Schon der kleine Peter war von Fußnoten begeistert, und er begann im Alter von zwölf Jahren solche Bücher zu sammeln, die auf die ein oder andere Weise ungewöhnliche Fußnoten enthielten. Bald übte er sich im Abfassen kleiner Anmerkungen und schrieb Kladde um Kladde voll. Während er im Laufe der Jahre seinen eigenen Stil entwickelte, steuerte er gezielt auf eine Verlagstätigkeit zu, studierte nach dem Abitur Germanistik und kam nach dem Examen bei einem angesehenen Verlag unter. Das war zu der Zeit des ersten Internetbooms.

Er lektorierte Bücher und versah sie mit Fußnoten, die allerdings bereits in "seinem" ersten Buch ein Eigenleben führten, auch wenn sie sich im Einzelnen noch auf den Text bezogen. Im Zusammenhang gelesen ergaben sie eine kleine Geschichte voller Andeutungen und Rätsel, ein filigranes Meisterwerk gleich beim ersten Versuch. Aber was heißt hier erster Versuch, die unzähligen Kladden seiner Schüler- und Studentenzeit sprachen doch Bände.

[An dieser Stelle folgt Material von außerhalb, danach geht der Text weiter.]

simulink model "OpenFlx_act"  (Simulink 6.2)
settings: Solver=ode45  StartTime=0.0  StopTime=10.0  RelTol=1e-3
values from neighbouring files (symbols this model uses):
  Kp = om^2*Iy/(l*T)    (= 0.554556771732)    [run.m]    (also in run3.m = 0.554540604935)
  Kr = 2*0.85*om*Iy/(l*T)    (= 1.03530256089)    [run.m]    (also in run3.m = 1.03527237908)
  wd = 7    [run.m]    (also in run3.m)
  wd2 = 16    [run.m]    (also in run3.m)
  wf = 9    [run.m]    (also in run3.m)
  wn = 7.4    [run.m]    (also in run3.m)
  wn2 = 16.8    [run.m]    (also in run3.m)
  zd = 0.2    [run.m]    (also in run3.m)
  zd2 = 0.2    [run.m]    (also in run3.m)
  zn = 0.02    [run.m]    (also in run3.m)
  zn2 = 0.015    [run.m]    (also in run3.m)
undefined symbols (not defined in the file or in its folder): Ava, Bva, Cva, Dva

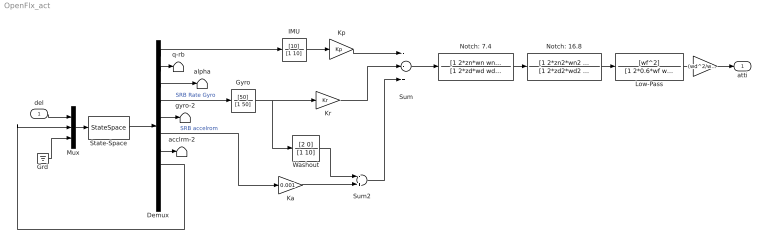
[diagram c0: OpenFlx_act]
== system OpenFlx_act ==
  del : Inport  Port=1  LatchInput=off
  " " : Gain  Gain=(wd^2/wn^2)*(wd2^2/wn2^2)
  Demux : Demux  Outputs=10
  Grd : Ground
  Gyro : TransferFcn  Numerator=[50]  Denominator=[1 50]
  IMU : TransferFcn  Numerator=[10]  Denominator=[1 10]
  Ka : Gain  Gain=0.001
  Kp : Gain  Gain=Kp
  Kr : Gain  Gain=Kr
  Low-Pass : TransferFcn  Numerator=[wf^2]  Denominator=[1 2*0.6*wf wf^2]
  Mux : Mux  Inputs=3
  Notch: 16.8 : TransferFcn  Numerator=[1 2*zn2*wn2 wn2^2]  Denominator=[1 2*zd2*wd2 wd2^2]
  Notch: 7.4 : TransferFcn  Numerator=[1 2*zn*wn wn^2]  Denominator=[1 2*zd*wd wd^2]
  State-Space : StateSpace  A=Ava  B=Bva  C=Cva  D=Dva
  Sum : Sum  Inputs=--+
  Sum2 : Sum  Inputs=-+
  Washout : TransferFcn  Numerator=[2 0]  Denominator=[1 10]
  acclrm-2 : Terminator
  alpha : Terminator
  gyro-2 : Terminator
  q-rb : Terminator
  atti : Outport
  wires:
  Mux/1 -> State-Space/1
  del/1 -> Mux/1
  Demux/4 -> Gyro/1  "SRB Rate Gyro"
  Demux/6 -> Ka/1  "SRB accelrom"
  Kp/1 -> Sum/1
  Kr/1 -> Sum/2
  Demux/7 -> acclrm-2/1
  Ka/1 -> Sum2/2
  Sum2/1 -> Sum/3
  State-Space/1 -> Demux/1
  Demux/1 -> IMU/1
  Demux/2 -> q-rb/1
  Demux/3 -> alpha/1
  Demux/5 -> gyro-2/1
  IMU/1 -> Kp/1
  Gyro/1 -> Washout/1, Kr/1
  Demux/8 -> Mux/2
  Grd/1 -> Mux/3
  Notch: 7.4/1 -> Notch: 16.8/1
  Notch: 16.8/1 -> Low-Pass/1
  " "/1 -> atti/1
  Sum/1 -> Notch: 7.4/1
  Low-Pass/1 -> " "/1
  Washout/1 -> Sum2/1
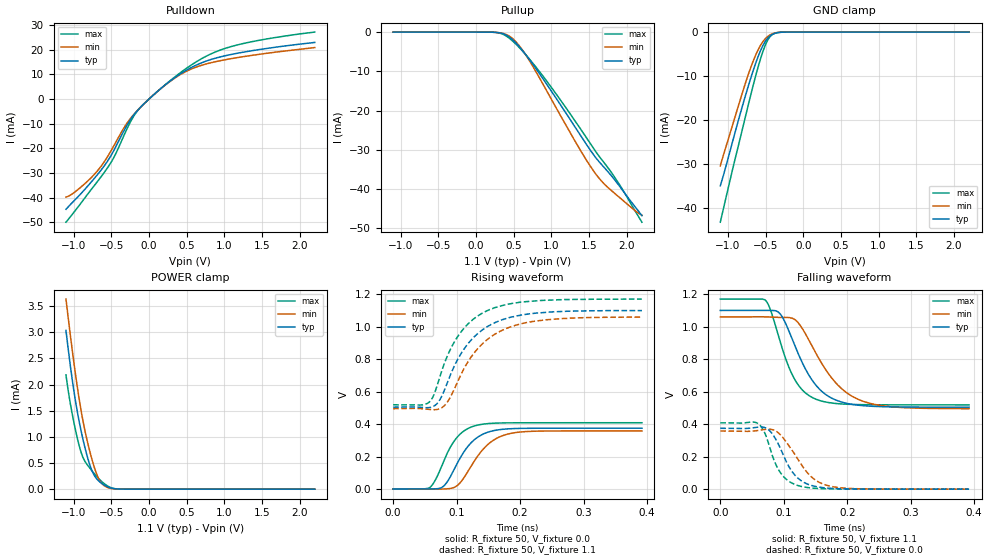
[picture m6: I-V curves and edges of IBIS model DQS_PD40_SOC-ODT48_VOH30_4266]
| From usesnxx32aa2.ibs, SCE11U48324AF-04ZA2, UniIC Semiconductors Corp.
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| DQS_PD40_SOC-ODT48_VOH30_4266
| (40 Ohm Pulldown, 48 Ohm System ODT Setting, VOH=VDDQ/3.0, 3200-4266Mbps)
[Model]   DQS_PD40_SOC-ODT48_VOH30_4266
Model_type   I/O
Vinl = 123.333mV
Vinh = 243.333mV
Vmeas = 183.333mV
Vref = 0.0mV
Cref = 0.0pF
Rref = 48.000Ohm
|   typ   min   max
|C_comp   0.838pF   0.788pF   0.888pF
C_comp_pullup   0.4190pF   0.3940pF   0.4440pF
C_comp_pulldown   0.4190pF   0.3940pF   0.4440pF
| Note: C_comp changes when the ODT circuit is enabled.
[Model Spec]
| Input threshold voltage corners
Vinl   0.1233V   0.1167V   0.1350V
Vinh   0.2433V   0.2367V   0.2550V
| Measurement voltage corners
Vmeas   0.1833V   0.1767V   0.1950V
| Timing spec test load voltage corners
Vref   0.0000V   0.0000V   0.0000V
| Dynamic Overshoot Parameters from LPDDR4 Specification
D_overshoot_ampl_h   0.30   NA   NA
D_overshoot_ampl_l   0.30   NA   NA
D_overshoot_area_h   0.1n   NA   NA
D_overshoot_area_l   0.1n   NA   NA
[Receiver Thresholds]
Vcross_low   = 123.3mV
Vcross_high  = 243.3mV
Vdiff_ac   = 120mV
Vdiff_dc   = 120mV
Tdiffslew_ac = 10.000ns |Not specified, so set to high value
[Voltage Range]   1.1000V   1.0600V   1.1700V
[Pullup Reference]   1.1000V   1.0600V   1.1700V
| Junction Temperature (Ambient temp is 35C typ 95C min -40C max)
[Temperature Range]   50.0   110.0   -40.0
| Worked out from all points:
|   slope of the pulldown table from 0 to 0.165 V, typ, clamps not added: 36.9 ohm
|   slope of the pullup table from 0 to 0.165 V, typ, clamps not added: 15.6 kohm
|   GND clamp passes 1 mA (typ) near -0.45 V on its own axis
|   POWER clamp passes 1 mA (typ) near -0.88 V on its own axis
|   rising waveform, R_fixture 50, V_fixture 0.0: 20-80 % time 36.8ps typ, 41ps min, 32.6ps max; typ from 0 V to 0.375 V
|   falling waveform, R_fixture 50, V_fixture 1.1: 20-80 % time 47ps typ, 58.8ps min, 37.1ps max; typ from 1.1 V to 0.505 V
|   rising waveform, R_fixture 50, V_fixture 1.1: 20-80 % time 58.4ps typ, 61.8ps min, 54.2ps max; typ from 0.505 V to 1.1 V
|   falling waveform, R_fixture 50, V_fixture 0.0: 20-80 % time 31.8ps typ, 40.1ps min, 26.5ps max; typ from 0.375 V to 0.001 V
[Pulldown]
|   Voltage   I(typ)   I(min)   I(max)
-1.1V     -44.75mA   -39.77mA   -50mA
-902mV    -38.42mA   -35.75mA   -42.29mA
-671mV    -30.26mA   -28.72mA   -33.02mA
-482.9mV  -21.87mA   -19.96mA   -24.7mA
-278.3mV  -9.972mA   -9.272mA   -11.31mA
-156.2mV  -4.822mA   -4.735mA   -4.963mA
137.5mV   3.741mA    3.714mA    3.748mA
375.1mV   9.367mA    9.149mA    9.729mA
695.2mV   14.68mA    13.69mA    16.33mA
1.035V    17.75mA    16.11mA    20.81mA
1.458V    20.08mA    18.15mA    23.85mA
2.2V      23.01mA    20.92mA    27.21mA
[GND Clamp]
|   Voltage   I(typ)   I(min)   I(max)
-1.1V     -34.88mA   -30.35mA   -43.13mA
-1.047V   -31.79mA   -27.25mA   -39.23mA
-941.6mV  -25.13mA   -21.34mA   -31.48mA
-789.8mV  -15.79mA   -12.83mA   -20.82mA
-667.7mV  -8.939mA   -6.742mA   -12.34mA
-595.1mV  -5.415mA   -3.908mA   -7.721mA
-525.8mV  -2.776mA   -1.982mA   -3.978mA
-473mV    -1.427mA   -1.034mA   -1.891mA
-416.9mV  -602.3uA   -443.1uA   -664.2uA
-350.9mV  -167uA     -127uA     -146.8uA
-235.4mV  -8.314uA   -7.865uA   -4.406uA
2.2V      0A         0A         0A
[Pullup]
|   Voltage   I(typ)   I(min)   I(max)
-1.1V     5.237uA    8.07uA     2.361uA
229.9mV   -37.74uA   -38.67uA   -38.87uA
345.4mV   -338.1uA   -276.7uA   -463.3uA
441.1mV   -1.249mA   -1.027mA   -1.564mA
556.6mV   -3.33mA    -3.082mA   -3.598mA
698.5mV   -6.745mA   -6.992mA   -6.645mA
975.7mV   -14.36mA   -16.29mA   -13.47mA
1.302V    -23.86mA   -27.41mA   -22.33mA
1.599V    -32.26mA   -36.44mA   -30.76mA
1.718V    -34.88mA   -39.02mA   -33.75mA
1.89V     -38.9mA    -41.91mA   -38.47mA
2.2V      -46.77mA   -46.64mA   -48.43mA
[POWER Clamp]
|   Voltage   I(typ)   I(min)   I(max)
-1.1V     3.036mA    3.636mA    2.186mA
-1.041V   2.347mA    2.931mA    1.626mA
-977.9mV  1.724mA    2.242mA    1.161mA
-911.9mV  1.201mA    1.612mA    764.9uA
-859.1mV  857.7uA    1.196mA    561.5uA
-799.7mV  537uA      814.2uA    433.5uA
-740.3mV  306uA      494.6uA    324.3uA
-667.7mV  159.9uA    206.1uA    205.2uA
-598.4mV  83.69uA    71.98uA    113.1uA
-489.5mV  17.77uA    10.88uA    22.46uA
-367.4mV  1.206uA    882.7nA    945.9nA
2.2V      0A         0A         0A
[Ramp]
|   typ   min   max
| 20% - 80%
dV/dt_r   224.64m/36.81p   214.61m/40.96p   244.92m/32.64p
dV/dt_f   357.19m/47.02p   338.70m/58.80p   390.62m/37.08p
| 25% - 75%
|dV/dt_r   187.20m/29.36p   178.84m/32.70p   204.10m/25.93p
|dV/dt_f   297.66m/37.50p   282.25m/46.95p   325.51m/29.52p
R_load = 50
[Rising Waveform]
R_fixture = 50
V_fixture = 0.0
|   Time   V(typ)   V(min)   V(max)
0s        456.8uV    388.7uV    331.3uV
57ps      217uV      98.01uV    8.005mV
67ps      1.673mV    -468.4uV   59.29mV
77ps      10.79mV    240.9uV    147.4mV
101ps     158.5mV    21.74mV    320mV
116ps     253.8mV    96.97mV    368.9mV
131ps     313.3mV    190.7mV    392.1mV
157ps     358.8mV    298.3mV    405.4mV
189ps     372.5mV    345.6mV    408.2mV
392ps     374.9mV    358.1mV    408.5mV
[Falling Waveform]
R_fixture   = 50
V_fixture   = 1.1
V_fixture_min = 1.06
V_fixture_max = 1.17
|   Time   V(typ)   V(min)   V(max)
0s        1.1V       1.06V      1.17V
72ps      1.1V       1.06V      1.159V
80ps      1.1V       1.059V     1.093V
95ps      1.076V     1.057V     899.3mV
114ps     916.7mV    1.051V     699.3mV
131ps     764mV      977.7mV    603.7mV
151ps     638.5mV    834.2mV    553.4mV
185ps     544.4mV    641.8mV    526.4mV
223ps     514.7mV    544mV      520.3mV
392ps     504.7mV    495.5mV    519mV
[Rising Waveform]
R_fixture   = 50
V_fixture   = 1.1
V_fixture_min = 1.06
V_fixture_max = 1.17
|   Time   V(typ)   V(min)   V(max)
0s        504.5mV    495.1mV    518.9mV
56ps      501.5mV    490.7mV    532.7mV
65ps      512.8mV    488.6mV    588mV
78ps      583.3mV    504.7mV    744.4mV
93ps      728.3mV    587.7mV    882mV
112ps     863.8mV    744.1mV    991.8mV
132ps     953mV      859.1mV    1.062V
155ps     1.015V     940.2mV    1.11V
227ps     1.084V     1.036V     1.16V
392ps     1.099V     1.059V     1.17V
[Falling Waveform]
R_fixture = 50
V_fixture = 0.0
|   Time   V(typ)   V(min)   V(max)
0s        375mV      358.2mV    408.6mV
57ps      381.3mV    360mV      409.2mV
74ps      371.9mV    369.3mV    306.6mV
85ps      323mV      362.9mV    175.1mV
95ps      248.6mV    333.9mV    100.3mV
109ps     133mV      262.6mV    46.49mV
124ps     62.5mV     174.5mV    20.74mV
148ps     18.69mV    61.64mV    6.015mV
178ps     4.653mV    14.94mV    1.552mV
392ps     521.4uV    478.9uV    359.4uV

Das Buch (der neueste Roman einer bekannten Autorin) wurde ein Bestseller mit einer halben Million Auflage, ein guter Start. Peter Ziegen verfeinerte seine Technik, mit oft nur einem Satz Personen, Schauplätze und Situationen zu skizzieren, ging zu freier Assoziation über und befreite seine Fußnoten zunehmend von Zusammenhängen mit dem Text, im vollen Bewußtsein seines Status als Kultautor.

Denn war zunächst nur eine handvoll Leswer auf seine Fußnoten aufmerksam geworden, so verbreitete sich sein Ruf lawinenartig durch das Internet. Fanseiten entstanden, Clubs wurden gegründet, Foren eröffnet und das Signum Lektorat: Ziegen, Peter garantierte zigtausend verkaufte Exemplare unabhängig von Autor, Sujet und Qualität.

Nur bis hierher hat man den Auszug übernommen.